■ **Instructions to follow**: In the records below, find the line with "for p, q in" and the line with "msp.add_line(p, q, dxfattribs=at)"; return exactly those lines and every line between them.

Collected data:
__________

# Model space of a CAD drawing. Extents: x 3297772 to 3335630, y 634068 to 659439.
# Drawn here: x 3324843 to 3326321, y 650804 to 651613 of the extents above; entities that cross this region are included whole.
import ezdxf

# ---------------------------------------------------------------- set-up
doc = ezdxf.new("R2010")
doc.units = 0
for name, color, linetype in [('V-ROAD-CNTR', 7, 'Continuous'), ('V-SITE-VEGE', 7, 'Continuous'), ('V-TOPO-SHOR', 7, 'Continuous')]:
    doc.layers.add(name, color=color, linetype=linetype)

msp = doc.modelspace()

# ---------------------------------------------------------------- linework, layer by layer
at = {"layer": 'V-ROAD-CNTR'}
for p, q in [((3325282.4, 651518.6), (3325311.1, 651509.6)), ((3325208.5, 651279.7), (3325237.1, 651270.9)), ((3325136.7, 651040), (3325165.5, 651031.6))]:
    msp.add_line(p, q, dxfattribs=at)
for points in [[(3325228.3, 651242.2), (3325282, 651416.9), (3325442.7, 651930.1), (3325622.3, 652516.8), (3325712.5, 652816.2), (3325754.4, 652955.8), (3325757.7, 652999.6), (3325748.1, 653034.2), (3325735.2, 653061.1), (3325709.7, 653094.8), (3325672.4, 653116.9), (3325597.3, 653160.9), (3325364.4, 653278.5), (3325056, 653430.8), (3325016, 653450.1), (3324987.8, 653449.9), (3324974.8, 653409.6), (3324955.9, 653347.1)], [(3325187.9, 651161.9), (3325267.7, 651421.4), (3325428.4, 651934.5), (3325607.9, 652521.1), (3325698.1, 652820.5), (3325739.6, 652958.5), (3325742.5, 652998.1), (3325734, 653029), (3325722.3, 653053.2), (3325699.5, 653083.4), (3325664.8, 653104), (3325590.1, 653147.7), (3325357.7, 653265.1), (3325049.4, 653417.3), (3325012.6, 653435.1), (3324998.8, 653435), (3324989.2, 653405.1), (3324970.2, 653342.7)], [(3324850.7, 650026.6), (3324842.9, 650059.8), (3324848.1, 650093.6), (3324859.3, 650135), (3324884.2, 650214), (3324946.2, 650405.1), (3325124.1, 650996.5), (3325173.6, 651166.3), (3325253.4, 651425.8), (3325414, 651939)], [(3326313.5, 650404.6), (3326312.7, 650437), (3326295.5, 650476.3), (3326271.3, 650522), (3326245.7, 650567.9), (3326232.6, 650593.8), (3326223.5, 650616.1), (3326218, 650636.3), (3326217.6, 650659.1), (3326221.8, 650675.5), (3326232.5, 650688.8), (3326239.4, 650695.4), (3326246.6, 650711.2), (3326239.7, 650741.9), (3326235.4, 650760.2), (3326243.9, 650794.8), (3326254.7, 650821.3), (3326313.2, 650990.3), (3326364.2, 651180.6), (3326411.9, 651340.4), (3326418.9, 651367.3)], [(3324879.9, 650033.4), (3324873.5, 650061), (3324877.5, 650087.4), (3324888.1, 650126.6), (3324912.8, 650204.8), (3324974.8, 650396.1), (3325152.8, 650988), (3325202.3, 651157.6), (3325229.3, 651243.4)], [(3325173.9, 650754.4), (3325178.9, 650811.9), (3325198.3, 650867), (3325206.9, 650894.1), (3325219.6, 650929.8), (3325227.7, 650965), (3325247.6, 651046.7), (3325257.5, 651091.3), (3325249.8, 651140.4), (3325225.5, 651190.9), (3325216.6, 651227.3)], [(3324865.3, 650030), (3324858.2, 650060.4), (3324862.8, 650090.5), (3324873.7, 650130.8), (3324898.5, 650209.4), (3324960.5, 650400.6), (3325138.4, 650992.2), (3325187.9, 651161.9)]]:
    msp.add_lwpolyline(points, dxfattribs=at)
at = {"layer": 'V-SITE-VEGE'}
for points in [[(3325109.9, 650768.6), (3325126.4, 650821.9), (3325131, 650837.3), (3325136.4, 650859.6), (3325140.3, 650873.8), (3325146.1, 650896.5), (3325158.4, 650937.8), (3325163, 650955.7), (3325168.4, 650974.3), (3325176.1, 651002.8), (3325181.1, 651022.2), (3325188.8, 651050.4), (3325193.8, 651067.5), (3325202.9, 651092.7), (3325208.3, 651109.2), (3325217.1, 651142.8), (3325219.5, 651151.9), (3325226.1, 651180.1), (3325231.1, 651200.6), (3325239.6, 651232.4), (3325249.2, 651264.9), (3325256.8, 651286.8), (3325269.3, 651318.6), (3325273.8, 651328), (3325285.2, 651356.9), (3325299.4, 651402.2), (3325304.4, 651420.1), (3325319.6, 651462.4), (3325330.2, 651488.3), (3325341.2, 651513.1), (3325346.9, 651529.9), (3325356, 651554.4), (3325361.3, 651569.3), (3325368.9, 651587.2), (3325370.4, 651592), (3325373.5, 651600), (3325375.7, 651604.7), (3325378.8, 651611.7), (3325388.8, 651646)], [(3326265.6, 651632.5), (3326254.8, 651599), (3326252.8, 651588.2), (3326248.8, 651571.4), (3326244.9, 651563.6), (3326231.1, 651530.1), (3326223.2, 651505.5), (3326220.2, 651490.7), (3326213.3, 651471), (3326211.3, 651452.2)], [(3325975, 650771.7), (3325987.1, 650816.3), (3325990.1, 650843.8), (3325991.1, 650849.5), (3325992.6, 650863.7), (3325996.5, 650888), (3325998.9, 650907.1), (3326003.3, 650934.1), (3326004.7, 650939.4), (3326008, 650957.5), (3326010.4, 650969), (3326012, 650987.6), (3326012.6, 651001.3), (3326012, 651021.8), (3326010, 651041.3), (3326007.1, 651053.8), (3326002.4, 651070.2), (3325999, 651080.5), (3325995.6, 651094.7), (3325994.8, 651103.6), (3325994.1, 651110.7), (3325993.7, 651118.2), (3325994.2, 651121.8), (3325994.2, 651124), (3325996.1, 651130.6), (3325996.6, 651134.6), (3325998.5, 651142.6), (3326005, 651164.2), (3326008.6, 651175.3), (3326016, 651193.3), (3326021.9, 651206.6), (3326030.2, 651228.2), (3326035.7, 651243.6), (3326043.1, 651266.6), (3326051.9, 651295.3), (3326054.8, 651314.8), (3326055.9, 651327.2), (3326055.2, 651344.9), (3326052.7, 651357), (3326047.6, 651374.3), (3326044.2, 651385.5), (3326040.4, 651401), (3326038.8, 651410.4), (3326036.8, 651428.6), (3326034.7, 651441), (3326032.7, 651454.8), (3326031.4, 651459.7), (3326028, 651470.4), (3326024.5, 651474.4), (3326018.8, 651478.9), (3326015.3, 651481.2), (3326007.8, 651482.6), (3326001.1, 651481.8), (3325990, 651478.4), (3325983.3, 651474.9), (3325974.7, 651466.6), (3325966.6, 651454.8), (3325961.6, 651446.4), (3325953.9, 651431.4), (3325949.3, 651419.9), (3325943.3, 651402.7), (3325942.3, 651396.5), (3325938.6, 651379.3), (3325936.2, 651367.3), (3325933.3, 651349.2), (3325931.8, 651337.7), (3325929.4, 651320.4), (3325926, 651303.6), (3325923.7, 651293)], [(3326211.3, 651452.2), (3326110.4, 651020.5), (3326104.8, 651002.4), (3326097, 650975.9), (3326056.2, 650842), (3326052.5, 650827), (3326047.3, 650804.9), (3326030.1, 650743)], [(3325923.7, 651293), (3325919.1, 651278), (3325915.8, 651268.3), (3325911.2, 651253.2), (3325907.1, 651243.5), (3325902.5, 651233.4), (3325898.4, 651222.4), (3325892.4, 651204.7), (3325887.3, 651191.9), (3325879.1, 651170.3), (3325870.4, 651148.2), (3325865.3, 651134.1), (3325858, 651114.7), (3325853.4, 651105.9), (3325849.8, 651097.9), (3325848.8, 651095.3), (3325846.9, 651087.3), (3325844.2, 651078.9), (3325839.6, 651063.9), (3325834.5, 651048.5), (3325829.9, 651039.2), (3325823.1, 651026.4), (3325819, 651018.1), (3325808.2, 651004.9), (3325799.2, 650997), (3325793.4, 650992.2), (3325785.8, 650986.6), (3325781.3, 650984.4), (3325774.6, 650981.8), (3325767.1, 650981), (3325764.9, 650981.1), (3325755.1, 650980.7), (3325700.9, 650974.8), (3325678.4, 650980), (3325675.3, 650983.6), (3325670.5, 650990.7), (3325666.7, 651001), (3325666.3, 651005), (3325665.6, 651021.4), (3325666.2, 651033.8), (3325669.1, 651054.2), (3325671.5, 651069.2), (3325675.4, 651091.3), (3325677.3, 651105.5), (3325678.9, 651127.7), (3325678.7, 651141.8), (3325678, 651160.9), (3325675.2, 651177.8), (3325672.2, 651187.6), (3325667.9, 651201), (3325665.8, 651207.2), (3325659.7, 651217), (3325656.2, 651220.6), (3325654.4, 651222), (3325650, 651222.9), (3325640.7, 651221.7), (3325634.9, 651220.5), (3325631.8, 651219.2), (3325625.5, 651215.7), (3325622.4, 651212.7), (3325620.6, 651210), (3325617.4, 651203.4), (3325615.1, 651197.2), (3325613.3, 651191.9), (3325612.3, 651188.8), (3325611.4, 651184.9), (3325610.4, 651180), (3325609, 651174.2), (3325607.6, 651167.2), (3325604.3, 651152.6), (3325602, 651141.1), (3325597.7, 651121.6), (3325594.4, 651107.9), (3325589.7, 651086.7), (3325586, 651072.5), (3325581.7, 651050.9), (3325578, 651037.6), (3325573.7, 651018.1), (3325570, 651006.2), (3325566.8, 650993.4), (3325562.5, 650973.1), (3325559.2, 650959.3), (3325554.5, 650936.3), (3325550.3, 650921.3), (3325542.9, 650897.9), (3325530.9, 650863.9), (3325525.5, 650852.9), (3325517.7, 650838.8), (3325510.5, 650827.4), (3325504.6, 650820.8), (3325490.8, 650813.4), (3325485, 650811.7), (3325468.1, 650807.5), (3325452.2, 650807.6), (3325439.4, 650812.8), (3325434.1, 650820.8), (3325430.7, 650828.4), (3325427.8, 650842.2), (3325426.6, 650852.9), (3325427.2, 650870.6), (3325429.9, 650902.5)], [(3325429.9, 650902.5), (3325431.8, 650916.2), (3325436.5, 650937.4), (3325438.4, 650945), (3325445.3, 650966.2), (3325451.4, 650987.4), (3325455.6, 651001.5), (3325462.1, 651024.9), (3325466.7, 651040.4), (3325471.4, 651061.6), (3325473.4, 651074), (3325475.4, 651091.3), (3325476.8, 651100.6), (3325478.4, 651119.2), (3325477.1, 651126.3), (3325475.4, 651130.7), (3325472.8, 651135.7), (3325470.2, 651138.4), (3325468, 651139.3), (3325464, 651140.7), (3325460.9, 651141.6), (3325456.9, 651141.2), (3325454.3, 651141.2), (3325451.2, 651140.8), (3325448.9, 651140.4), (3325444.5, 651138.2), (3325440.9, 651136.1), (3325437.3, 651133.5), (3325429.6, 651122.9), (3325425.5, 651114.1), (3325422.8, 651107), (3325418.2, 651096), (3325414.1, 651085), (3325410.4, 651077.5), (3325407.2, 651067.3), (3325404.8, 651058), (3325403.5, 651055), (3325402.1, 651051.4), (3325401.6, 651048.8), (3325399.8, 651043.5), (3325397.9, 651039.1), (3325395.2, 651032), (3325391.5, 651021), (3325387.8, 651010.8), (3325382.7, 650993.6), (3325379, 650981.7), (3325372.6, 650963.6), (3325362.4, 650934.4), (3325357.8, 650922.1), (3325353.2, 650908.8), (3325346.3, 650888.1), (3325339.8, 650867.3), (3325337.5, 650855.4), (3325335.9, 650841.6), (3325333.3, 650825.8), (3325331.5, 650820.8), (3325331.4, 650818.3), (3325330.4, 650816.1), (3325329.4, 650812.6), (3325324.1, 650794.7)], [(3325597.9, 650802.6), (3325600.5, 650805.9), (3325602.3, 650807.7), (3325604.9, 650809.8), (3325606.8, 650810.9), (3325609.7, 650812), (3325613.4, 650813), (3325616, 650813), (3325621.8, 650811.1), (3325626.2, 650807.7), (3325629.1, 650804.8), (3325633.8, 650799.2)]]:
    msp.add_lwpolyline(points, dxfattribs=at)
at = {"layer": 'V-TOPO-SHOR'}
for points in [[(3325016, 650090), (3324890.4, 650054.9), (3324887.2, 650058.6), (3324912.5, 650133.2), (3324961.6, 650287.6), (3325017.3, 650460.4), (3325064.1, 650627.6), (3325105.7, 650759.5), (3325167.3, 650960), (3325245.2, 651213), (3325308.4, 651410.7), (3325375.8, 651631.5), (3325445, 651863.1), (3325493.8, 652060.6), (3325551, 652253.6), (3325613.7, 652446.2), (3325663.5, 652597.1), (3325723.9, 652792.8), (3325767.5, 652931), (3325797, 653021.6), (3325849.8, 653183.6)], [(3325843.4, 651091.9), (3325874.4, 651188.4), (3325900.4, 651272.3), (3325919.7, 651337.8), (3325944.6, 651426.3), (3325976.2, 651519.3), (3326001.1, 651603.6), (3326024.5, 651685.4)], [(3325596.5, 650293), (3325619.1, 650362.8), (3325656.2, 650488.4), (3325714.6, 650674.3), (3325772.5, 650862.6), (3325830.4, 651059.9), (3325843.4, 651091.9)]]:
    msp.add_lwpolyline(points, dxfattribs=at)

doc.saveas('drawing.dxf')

__________

■ **Exercise result**:
for p, q in [((3325282.4, 651518.6), (3325311.1, 651509.6)), ((3325208.5, 651279.7), (3325237.1, 651270.9)), ((3325136.7, 651040), (3325165.5, 651031.6))]:
    msp.add_line(p, q, dxfattribs=at)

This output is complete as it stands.